Let her go. Read the thread on "Just let them go." Work on detaching from her emotionally. Work on improving yourself, not for her but for YOU. You can't compete with fantasy. It's impossible.


----------



## FixMyHead (Aug 3, 2011)

*Re: Wife left me for another man. I want to work it out but she won't try "right now.*

I have been searching for it and can't seem to find that thread. Do you by any chance have a link?


----------



## FixMyHead (Aug 3, 2011)

*Re: Wife left me for another man. I want to work it out but she won't try "right now.*

NM. I found it


----------



## Amplexor (Feb 13, 2008)

*Re: Wife left me for another man. I want to work it out but she won't try "right now.*



FixMyHead said:


> . I feel as though I am just being used as a "safety net" in case things don't work out for her with this guy.


That's exactly what she is doing and as long as you continue to be there for her, she will have no motivation to move away from him and to-wards you. Read Dodson's "Love Must be Tough" to understand how chasing her only drives her further away. You'll receive a lot of advice about the 180 which works with many of the same theories, examples, rules..... Believe it or not, you have a better handle on the situation already than most do when they first come here.


----------



## the guy (Aug 3, 2010)

*Re: Wife left me for another man. I want to work it out but she won't try "right now.*

Let her go and take that safety net away. You are so correct in this fact that you are her safety net and she will do what it takes for you to be her doormat.
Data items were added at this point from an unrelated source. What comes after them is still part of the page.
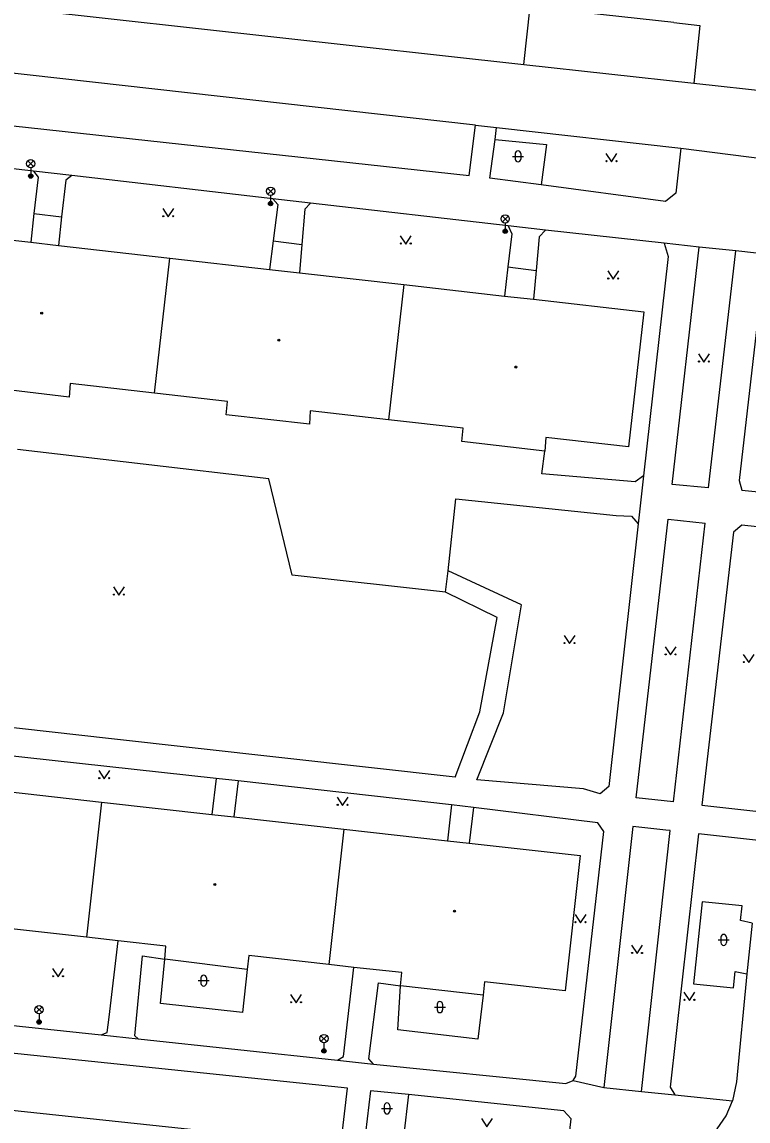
# Model space of a CAD drawing. Extents: x -595546 to -593986, y -1160845 to -1159202.
# Drawn here: x -594546.1 to -594479.9, y -1160202.2 to -1160102 of the extents above; entities that cross this region are included whole.
import ezdxf

# ---------------------------------------------------------------- set-up
doc = ezdxf.new("R2010")
doc.units = 0
for name, color, linetype in [('Level 33', 7, 'Continuous'), ('Level 36', 7, 'Continuous'), ('Level 39', 7, 'Continuous'), ('Specificka linie pasportu komunikaci', 7, 'Continuous'), ('TM - budovy zdene_ betonove - VP', 7, 'Continuous'), ('TM - chodniky - VP', 7, 'Continuous'), ('TM - komunikace - VP', 7, 'Continuous'), ('TM - plot dreveny - VP', 7, 'Continuous'), ('TM - rozhrani ploch obecne - VP', 7, 'Continuous')]:
    doc.layers.add(name, color=color, linetype=linetype)

msp = doc.modelspace()

# ---------------------------------------------------------------- linework, layer by layer
at = {"layer": 'Level 33'}
for p, q in [((-594545.55, -1160115.22), (-594545.02, -1160114.69)), ((-594545.55, -1160114.69), (-594545.02, -1160115.22)), ((-594545.28, -1160115.33), (-594545.28, -1160116.08)), ((-594523.69, -1160117.73), (-594523.16, -1160117.2)), ((-594523.69, -1160117.2), (-594523.16, -1160117.73)), ((-594523.43, -1160117.84), (-594523.43, -1160118.59)), ((-594502.32, -1160120.25), (-594501.79, -1160119.72)), ((-594502.32, -1160119.72), (-594501.79, -1160120.25)), ((-594502.06, -1160120.36), (-594502.06, -1160121.11)), ((-594544.78, -1160192.31), (-594544.25, -1160191.78)), ((-594544.78, -1160191.78), (-594544.25, -1160192.31)), ((-594544.52, -1160192.42), (-594544.52, -1160193.17)), ((-594518.84, -1160194.95), (-594518.31, -1160194.42)), ((-594518.84, -1160194.42), (-594518.31, -1160194.95)), ((-594518.57, -1160195.06), (-594518.57, -1160195.81))]:
    msp.add_line(p, q, dxfattribs=at)
for centre, radius in [((-594545.28, -1160114.95), 0.375), ((-594545.28, -1160116.08), 0.2), ((-594545.28, -1160116.08), 0.145), ((-594545.28, -1160116.08), 0.0876), ((-594523.43, -1160117.46), 0.375), ((-594523.43, -1160118.59), 0.2), ((-594523.43, -1160118.59), 0.145), ((-594523.43, -1160118.59), 0.0876), ((-594502.06, -1160119.98), 0.375), ((-594502.06, -1160121.11), 0.2), ((-594502.06, -1160121.11), 0.145), ((-594502.06, -1160121.11), 0.0876), ((-594544.52, -1160192.05), 0.375), ((-594544.52, -1160193.17), 0.2), ((-594544.52, -1160193.17), 0.145), ((-594544.52, -1160193.17), 0.0876), ((-594518.57, -1160194.68), 0.375), ((-594518.57, -1160195.81), 0.2), ((-594518.57, -1160195.81), 0.145), ((-594518.57, -1160195.81), 0.0876)]:
    msp.add_circle(centre, radius, dxfattribs=at)
at = {"layer": 'Level 36'}
for p, q in [((-594501.14, -1160114.03), (-594501.14, -1160114.53)), ((-594500.64, -1160114.03), (-594500.64, -1160114.53)), ((-594501.39, -1160114.28), (-594500.39, -1160114.28)), ((-594482.66, -1160185.69), (-594481.66, -1160185.69)), ((-594482.41, -1160185.44), (-594482.41, -1160185.94)), ((-594481.91, -1160185.44), (-594481.91, -1160185.94)), ((-594529.77, -1160189.15), (-594529.77, -1160189.65)), ((-594529.27, -1160189.15), (-594529.27, -1160189.65)), ((-594530.02, -1160189.4), (-594529.02, -1160189.4)), ((-594508.51, -1160191.81), (-594507.51, -1160191.81)), ((-594508.26, -1160191.56), (-594508.26, -1160192.06)), ((-594507.76, -1160191.56), (-594507.76, -1160192.06)), ((-594513.33, -1160201.05), (-594512.33, -1160201.05)), ((-594513.08, -1160200.8), (-594513.08, -1160201.3)), ((-594512.58, -1160200.8), (-594512.58, -1160201.3))]:
    msp.add_line(p, q, dxfattribs=at)
for points in [[(-594492.88, -1160114.02), (-594492.38, -1160114.77), (-594491.88, -1160114.02)], [(-594533.25, -1160119.04), (-594532.75, -1160119.79), (-594532.25, -1160119.04)], [(-594511.62, -1160121.52), (-594511.12, -1160122.27), (-594510.62, -1160121.52)], [(-594492.72, -1160124.71), (-594492.22, -1160125.46), (-594491.72, -1160124.71)], [(-594484.46, -1160132.28), (-594483.96, -1160133.03), (-594483.46, -1160132.28)], [(-594537.75, -1160153.52), (-594537.25, -1160154.27), (-594536.75, -1160153.52)], [(-594496.7, -1160157.94), (-594496.2, -1160158.69), (-594495.7, -1160157.94)], [(-594487.49, -1160158.97), (-594486.99, -1160159.72), (-594486.49, -1160158.97)], [(-594480.38, -1160159.67), (-594479.88, -1160160.42), (-594479.38, -1160159.67)], [(-594539.08, -1160170.25), (-594538.58, -1160171), (-594538.08, -1160170.25)], [(-594517.37, -1160172.68), (-594516.87, -1160173.43), (-594516.37, -1160172.68)], [(-594495.7, -1160183.37), (-594495.2, -1160184.12), (-594494.7, -1160183.37)], [(-594490.55, -1160186.18), (-594490.05, -1160186.93), (-594489.55, -1160186.18)], [(-594543.29, -1160188.3), (-594542.79, -1160189.05), (-594542.29, -1160188.3)], [(-594521.61, -1160190.67), (-594521.11, -1160191.42), (-594520.61, -1160190.67)], [(-594485.78, -1160190.45), (-594485.28, -1160191.2), (-594484.78, -1160190.45)], [(-594504.23, -1160201.96), (-594503.73, -1160202.71), (-594503.23, -1160201.96)]]:
    msp.add_lwpolyline(points, dxfattribs=at)
for centre in [(-594492.83, -1160114.72), (-594491.93, -1160114.72), (-594533.2, -1160119.74), (-594532.3, -1160119.74), (-594511.57, -1160122.22), (-594510.67, -1160122.22), (-594492.67, -1160125.41), (-594491.77, -1160125.41), (-594484.41, -1160132.98), (-594483.51, -1160132.98), (-594537.7, -1160154.22), (-594536.8, -1160154.22), (-594496.65, -1160158.64), (-594495.75, -1160158.64), (-594487.44, -1160159.67), (-594486.54, -1160159.67), (-594480.33, -1160160.37), (-594539.03, -1160170.95), (-594538.13, -1160170.95), (-594517.32, -1160173.38), (-594516.42, -1160173.38), (-594495.65, -1160184.07), (-594494.75, -1160184.07), (-594490.5, -1160186.88), (-594489.6, -1160186.88), (-594543.24, -1160189), (-594542.34, -1160189), (-594485.73, -1160191.15), (-594484.83, -1160191.15), (-594521.56, -1160191.37), (-594520.66, -1160191.37)]:
    msp.add_circle(centre, 0.05, dxfattribs=at)
for centre, start, end in [((-594500.89, -1160114.03), 0, 180), ((-594500.89, -1160114.53), 180, 0), ((-594482.16, -1160185.44), 0, 180), ((-594482.16, -1160185.94), 180, 0), ((-594529.52, -1160189.15), 0, 180), ((-594529.52, -1160189.65), 180, 0), ((-594508.01, -1160191.56), 0, 180), ((-594508.01, -1160192.06), 180, 0), ((-594512.83, -1160200.8), 0, 180), ((-594512.83, -1160201.3), 180, 0)]:
    msp.add_arc(centre, 0.25, start, end, dxfattribs=at)
at = {"layer": 'Level 39'}
for centre, radius in [((-594544.28, -1160128.58), 0.09), ((-594544.28, -1160128.58), 0.0398), ((-594522.68, -1160131.03), 0.09), ((-594522.68, -1160131.03), 0.0398), ((-594501.09, -1160133.48), 0.09), ((-594501.09, -1160133.48), 0.0398), ((-594528.5, -1160180.65), 0.09), ((-594528.5, -1160180.65), 0.0398), ((-594506.69, -1160183.08), 0.09), ((-594506.69, -1160183.08), 0.0398)]:
    msp.add_circle(centre, radius, dxfattribs=at)
at = {"layer": 'Specificka linie pasportu komunikaci'}
for points in [[(-594486.7, -1160102.07), (-594499.79, -1160100.64)], [(-594486.7, -1160102.07), (-594484.32, -1160102.37), (-594484.88, -1160107.62)], [(-594504.78, -1160111.43), (-594554.28, -1160105.89)], [(-594484.4, -1160122.57), (-594487.59, -1160122.18)], [(-594477.28, -1160123.31), (-594481.04, -1160122.89)], [(-594507.51, -1160153.99), (-594507.27, -1160152.05)], [(-594538.87, -1160194.35), (-594535.48, -1160194.72)], [(-594517.35, -1160196.66), (-594514.06, -1160197.01)], [(-594495.86, -1160198.49), (-594493.08, -1160199.14)], [(-594564.43, -1160199.34), (-594517.02, -1160204.4)], [(-594489.66, -1160199.51), (-594486.61, -1160199.81)]]:
    msp.add_lwpolyline(points, dxfattribs=at)
at = {"layer": 'TM - budovy zdene_ betonove - VP'}
for points in [[(-594554.52, -1160121.07), (-594545.27, -1160122.11)], [(-594545.27, -1160122.11), (-594542.75, -1160122.4)], [(-594542.75, -1160122.4), (-594532.62, -1160123.55)], [(-594534.01, -1160135.86), (-594532.62, -1160123.55)], [(-594532.62, -1160123.55), (-594523.54, -1160124.58)], [(-594523.54, -1160124.58), (-594520.8, -1160124.89)], [(-594520.8, -1160124.89), (-594511.3, -1160125.97)], [(-594511.3, -1160125.97), (-594512.69, -1160138.28)], [(-594511.3, -1160125.97), (-594502.13, -1160127.01)], [(-594502.13, -1160127.01), (-594499.48, -1160127.31)], [(-594499.48, -1160127.31), (-594489.44, -1160128.45)], [(-594489.44, -1160128.45), (-594490.83, -1160140.75)], [(-594541.69, -1160134.99), (-594541.79, -1160136.22)], [(-594534.01, -1160135.86), (-594541.69, -1160134.99)], [(-594541.79, -1160136.22), (-594549.39, -1160135.33)], [(-594527.35, -1160136.61), (-594534.01, -1160135.86)], [(-594527.47, -1160137.84), (-594527.35, -1160136.61)], [(-594519.89, -1160138.7), (-594527.47, -1160137.84)], [(-594519.81, -1160137.47), (-594519.89, -1160138.7)], [(-594512.69, -1160138.28), (-594519.81, -1160137.47)], [(-594505.89, -1160139.05), (-594512.69, -1160138.28)], [(-594506, -1160140.26), (-594505.89, -1160139.05)], [(-594498.35, -1160139.9), (-594498.46, -1160141.15)], [(-594490.83, -1160140.75), (-594498.35, -1160139.9)], [(-594498.46, -1160141.15), (-594506, -1160140.26)], [(-594548.77, -1160172.02), (-594538.83, -1160173.13)], [(-594538.83, -1160173.13), (-594540.21, -1160185.45)], [(-594538.83, -1160173.13), (-594528.77, -1160174.26)], [(-594528.77, -1160174.26), (-594526.78, -1160174.48)], [(-594526.78, -1160174.48), (-594516.75, -1160175.6)], [(-594516.75, -1160175.6), (-594518.12, -1160187.92)], [(-594516.75, -1160175.6), (-594507.33, -1160176.66)], [(-594507.33, -1160176.66), (-594505.34, -1160176.88)], [(-594505.34, -1160176.88), (-594495.22, -1160178.01)], [(-594495.22, -1160178.01), (-594496.6, -1160190.32)], [(-594540.21, -1160185.45), (-594547.3, -1160184.66)], [(-594537.31, -1160185.78), (-594540.21, -1160185.45)], [(-594532.96, -1160186.26), (-594537.31, -1160185.78)], [(-594533.05, -1160187.44), (-594532.96, -1160186.26)], [(-594525.42, -1160187.1), (-594525.56, -1160188.38)], [(-594518.12, -1160187.92), (-594525.42, -1160187.1)], [(-594525.56, -1160188.38), (-594533.05, -1160187.44)], [(-594515.84, -1160188.19), (-594518.12, -1160187.92)], [(-594511.49, -1160188.66), (-594515.84, -1160188.19)], [(-594511.59, -1160189.86), (-594511.49, -1160188.66)], [(-594504.06, -1160190.73), (-594511.59, -1160189.86)], [(-594503.95, -1160189.5), (-594504.06, -1160190.73)], [(-594496.6, -1160190.32), (-594503.95, -1160189.5)]]:
    msp.add_lwpolyline(points, dxfattribs=at)
at = {"layer": 'TM - chodniky - VP'}
for points in [[(-594500.35, -1160105.91), (-594499.79, -1160100.64)], [(-594502.98, -1160112.74), (-594502.84, -1160111.65)], [(-594503.45, -1160116.28), (-594502.98, -1160112.74)], [(-594545.03, -1160115.62), (-594562.74, -1160113.59)], [(-594486.06, -1160113.52), (-594486.51, -1160117.63)], [(-594545.03, -1160115.62), (-594544.61, -1160116.19)], [(-594541.53, -1160116.04), (-594542.09, -1160116.44)], [(-594523.22, -1160118.14), (-594541.53, -1160116.04)], [(-594544.61, -1160116.19), (-594544.98, -1160119.48)], [(-594542.09, -1160116.44), (-594542.46, -1160119.8)], [(-594498.79, -1160116.89), (-594503.45, -1160116.28)], [(-594487.45, -1160118.38), (-594498.79, -1160116.89)], [(-594486.51, -1160117.63), (-594487.45, -1160118.38)], [(-594523.22, -1160118.14), (-594522.77, -1160118.68)], [(-594522.77, -1160118.68), (-594523.2, -1160121.98)], [(-594520.32, -1160119.09), (-594520.58, -1160122.3)], [(-594519.8, -1160118.56), (-594520.32, -1160119.09)], [(-594501.79, -1160120.62), (-594519.8, -1160118.56)], [(-594544.98, -1160119.48), (-594545.27, -1160122.11)], [(-594542.46, -1160119.8), (-594542.75, -1160122.4)], [(-594501.79, -1160120.62), (-594501.46, -1160121.33)], [(-594498.4, -1160121.01), (-594498.96, -1160121.63)], [(-594487.59, -1160122.18), (-594498.4, -1160121.01)], [(-594523.2, -1160121.98), (-594523.54, -1160124.58)], [(-594501.46, -1160121.33), (-594501.81, -1160124.36)], [(-594498.96, -1160121.63), (-594499.24, -1160124.67)], [(-594520.58, -1160122.3), (-594520.8, -1160124.89)], [(-594487.59, -1160122.18), (-594487.22, -1160123.4)], [(-594486.86, -1160144.2), (-594484.4, -1160122.57)], [(-594481.04, -1160122.89), (-594484.4, -1160122.57)], [(-594483.54, -1160144.48), (-594481.04, -1160122.89)], [(-594487.22, -1160123.4), (-594489.46, -1160143.39)], [(-594478.47, -1160123.98), (-594480.75, -1160143.83)], [(-594501.81, -1160124.36), (-594502.13, -1160127.01)], [(-594499.24, -1160124.67), (-594499.48, -1160127.31)], [(-594523.59, -1160143.68), (-594546.49, -1160141.01)], [(-594498.73, -1160143.2), (-594498.46, -1160141.15)], [(-594521.46, -1160152.45), (-594523.59, -1160143.68)], [(-594490.23, -1160143.93), (-594498.73, -1160143.2)], [(-594489.46, -1160143.39), (-594490.23, -1160143.93)], [(-594480.75, -1160143.83), (-594480.5, -1160144.71)], [(-594483.54, -1160144.48), (-594486.86, -1160144.2)], [(-594480.5, -1160144.71), (-594475.4, -1160145.22)], [(-594507.27, -1160152.05), (-594506.56, -1160145.5)], [(-594506.56, -1160145.5), (-594491.94, -1160147)], [(-594491.94, -1160147), (-594490.57, -1160147.07)], [(-594490.57, -1160147.07), (-594489.96, -1160147.76)], [(-594489.96, -1160147.76), (-594492.61, -1160171.72)], [(-594490.12, -1160172.74), (-594487.23, -1160147.34)], [(-594487.23, -1160147.34), (-594483.86, -1160147.72)], [(-594486.74, -1160173.11), (-594483.86, -1160147.72)], [(-594480.5, -1160147.9), (-594481.27, -1160148.54)], [(-594475.74, -1160148.41), (-594480.5, -1160147.9)], [(-594481.27, -1160148.54), (-594484.14, -1160173.4)], [(-594500.58, -1160155.14), (-594507.27, -1160152.05)], [(-594507.51, -1160153.99), (-594521.46, -1160152.45)], [(-594502.79, -1160156.3), (-594507.51, -1160153.99)], [(-594502.21, -1160164.98), (-594500.58, -1160155.14)], [(-594504.37, -1160164.91), (-594502.79, -1160156.3)], [(-594538.19, -1160167.34), (-594569.55, -1160163.82)], [(-594506.61, -1160170.85), (-594504.37, -1160164.91)], [(-594504.65, -1160171.1), (-594502.21, -1160164.98)], [(-594506.61, -1160170.85), (-594538.19, -1160167.34)], [(-594528.4, -1160170.97), (-594548.33, -1160168.78)], [(-594528.4, -1160170.97), (-594528.77, -1160174.26)], [(-594526.39, -1160171.19), (-594526.78, -1160174.48)], [(-594506.96, -1160173.39), (-594526.39, -1160171.19)], [(-594494.92, -1160171.93), (-594504.65, -1160171.1)], [(-594493.4, -1160172.37), (-594494.92, -1160171.93)], [(-594492.61, -1160171.72), (-594493.4, -1160172.37)], [(-594486.74, -1160173.11), (-594490.12, -1160172.74)], [(-594506.96, -1160173.39), (-594507.33, -1160176.66)], [(-594504.96, -1160173.62), (-594505.34, -1160176.88)], [(-594493.62, -1160175.01), (-594504.96, -1160173.62)], [(-594484.14, -1160173.4), (-594478.42, -1160174.04)], [(-594493.09, -1160175.81), (-594493.62, -1160175.01)], [(-594495.62, -1160198.11), (-594493.09, -1160175.81)], [(-594490.43, -1160175.35), (-594493.08, -1160199.14)], [(-594487.43, -1160175.69), (-594490.43, -1160175.35)], [(-594489.66, -1160199.51), (-594487.04, -1160175.73)], [(-594487.04, -1160175.73), (-594487.43, -1160175.69)], [(-594484.45, -1160176.02), (-594487.02, -1160199.11)], [(-594478.73, -1160176.67), (-594484.45, -1160176.02)], [(-594538.12, -1160192.73), (-594537.31, -1160185.78)], [(-594535.78, -1160194.42), (-594535.1, -1160187.15)], [(-594535.1, -1160187.15), (-594533.05, -1160187.44)], [(-594516.8, -1160196.31), (-594515.84, -1160188.19)], [(-594514.49, -1160196.52), (-594513.6, -1160189.61)], [(-594513.6, -1160189.61), (-594511.59, -1160189.86)], [(-594557.19, -1160192.4), (-594538.87, -1160194.35)], [(-594538.32, -1160194.14), (-594538.12, -1160192.73)], [(-594538.87, -1160194.35), (-594538.32, -1160194.14)], [(-594535.48, -1160194.72), (-594535.78, -1160194.42)], [(-594535.48, -1160194.72), (-594517.35, -1160196.66)], [(-594517.35, -1160196.66), (-594516.8, -1160196.31)], [(-594514.06, -1160197.01), (-594514.49, -1160196.52)], [(-594514.06, -1160197.01), (-594496.53, -1160198.77)], [(-594495.86, -1160198.49), (-594495.62, -1160198.11)], [(-594496.53, -1160198.77), (-594495.86, -1160198.49)], [(-594493.08, -1160199.14), (-594489.66, -1160199.51)], [(-594487.02, -1160199.11), (-594486.61, -1160199.81)], [(-594514.32, -1160199.43), (-594514.77, -1160203.28)], [(-594510.87, -1160199.79), (-594514.32, -1160199.43)], [(-594496.72, -1160201.27), (-594510.87, -1160199.79)], [(-594486.61, -1160199.81), (-594481.36, -1160200.37)], [(-594496.04, -1160202), (-594496.72, -1160201.27)], [(-594496.43, -1160205.19), (-594496.04, -1160202)]]:
    msp.add_lwpolyline(points, dxfattribs=at)
at = {"layer": 'TM - komunikace - VP'}
for points in [[(-594545.36, -1160100.94), (-594500.35, -1160105.91)], [(-594500.35, -1160105.91), (-594484.88, -1160107.62)], [(-594484.88, -1160107.62), (-594477.68, -1160108.41)], [(-594554.71, -1160110.66), (-594505.33, -1160116.02)], [(-594505.33, -1160116.02), (-594504.78, -1160111.43)], [(-594504.78, -1160111.43), (-594502.84, -1160111.65)], [(-594502.84, -1160111.65), (-594486.06, -1160113.52)], [(-594486.06, -1160113.52), (-594477.01, -1160114.7)], [(-594479.57, -1160184.15), (-594480.06, -1160188.78)], [(-594480.06, -1160188.78), (-594480.99, -1160198.63)], [(-594516.41, -1160199.21), (-594563.97, -1160194.24)], [(-594517.02, -1160204.4), (-594516.41, -1160199.21)], [(-594480.99, -1160198.63), (-594481.36, -1160200.37)], [(-594488.92, -1160206.82), (-594487.3, -1160206.35), (-594486.1, -1160205.77), (-594484.87, -1160204.96), (-594483.78, -1160204.07), (-594482.74, -1160202.92), (-594481.93, -1160201.72), (-594481.36, -1160200.37)]]:
    msp.add_lwpolyline(points, dxfattribs=at)
at = {"layer": 'TM - plot dreveny - VP'}
for points in [[(-594525.56, -1160188.38), (-594525.99, -1160192.3), (-594533.45, -1160191.5), (-594533.05, -1160187.44)], [(-594504.06, -1160190.73), (-594504.56, -1160194.75), (-594511.85, -1160193.88), (-594511.59, -1160189.86)]]:
    msp.add_lwpolyline(points, dxfattribs=at)
at = {"layer": 'TM - rozhrani ploch obecne - VP'}
for points in [[(-594502.98, -1160112.74), (-594498.29, -1160113.19)], [(-594498.29, -1160113.19), (-594498.79, -1160116.89)], [(-594541.53, -1160116.04), (-594545.03, -1160115.62)], [(-594519.8, -1160118.56), (-594523.22, -1160118.14)], [(-594544.98, -1160119.48), (-594542.46, -1160119.8)], [(-594498.4, -1160121.01), (-594501.79, -1160120.62)], [(-594523.2, -1160121.98), (-594520.58, -1160122.3)], [(-594501.81, -1160124.36), (-594499.24, -1160124.67)], [(-594489.46, -1160143.39), (-594489.96, -1160147.76)], [(-594526.39, -1160171.19), (-594528.4, -1160170.97)], [(-594504.96, -1160173.62), (-594506.96, -1160173.39)], [(-594484.11, -1160182.21), (-594484.91, -1160189.69)], [(-594480.48, -1160182.59), (-594484.11, -1160182.21)], [(-594480.63, -1160183.93), (-594480.48, -1160182.59)], [(-594479.57, -1160184.15), (-594480.63, -1160183.93)], [(-594481.27, -1160190.05), (-594481.12, -1160188.56)], [(-594481.12, -1160188.56), (-594480.06, -1160188.78)], [(-594484.91, -1160189.69), (-594481.27, -1160190.05)], [(-594510.87, -1160199.79), (-594511.32, -1160203.68)]]:
    msp.add_lwpolyline(points, dxfattribs=at)

doc.saveas('drawing.dxf')

I could almost bet that if she had to bring your kid into the OM life he would trop her like a hot potatoe.

Besides that she is also cake eating. There is no reason for her to change the way things are. She has it made she has the OM to treat her like a women and she has you to treat her like a wife. I mean come on if you want a change it will take *you* to make it happen. She has appsolutly no reason to change things......again she has it made.

I see your stuck between a rock and a hard place, so I strongely suggest you bring in family and friends for support, mostly finacial support. Once you get back on your feet you can pay them back. Even if you can take the kid and move back in with family it will be in the right direction.

No matter what it takes stop making this affair convienent for her. By making this affair as inconvienent and as uncomfortable as possible it will push her more towards reality.

So expose this affair, distance her from you and the kid, and piss her off, yes it will also push her further away, but her fantasy must be interrupted with the reality that you can no longer continue on like this. It will at least get her to second guess her choices and dicisions.

or 

Stay were you are and milk off her GI benifits until you can't stand it any more and then end up doing something stupid. It sounds like she pays the bills so go a head and live off her as long as you can stand it. Just don't plan on her making any changes as long as you don't make any changes for your self.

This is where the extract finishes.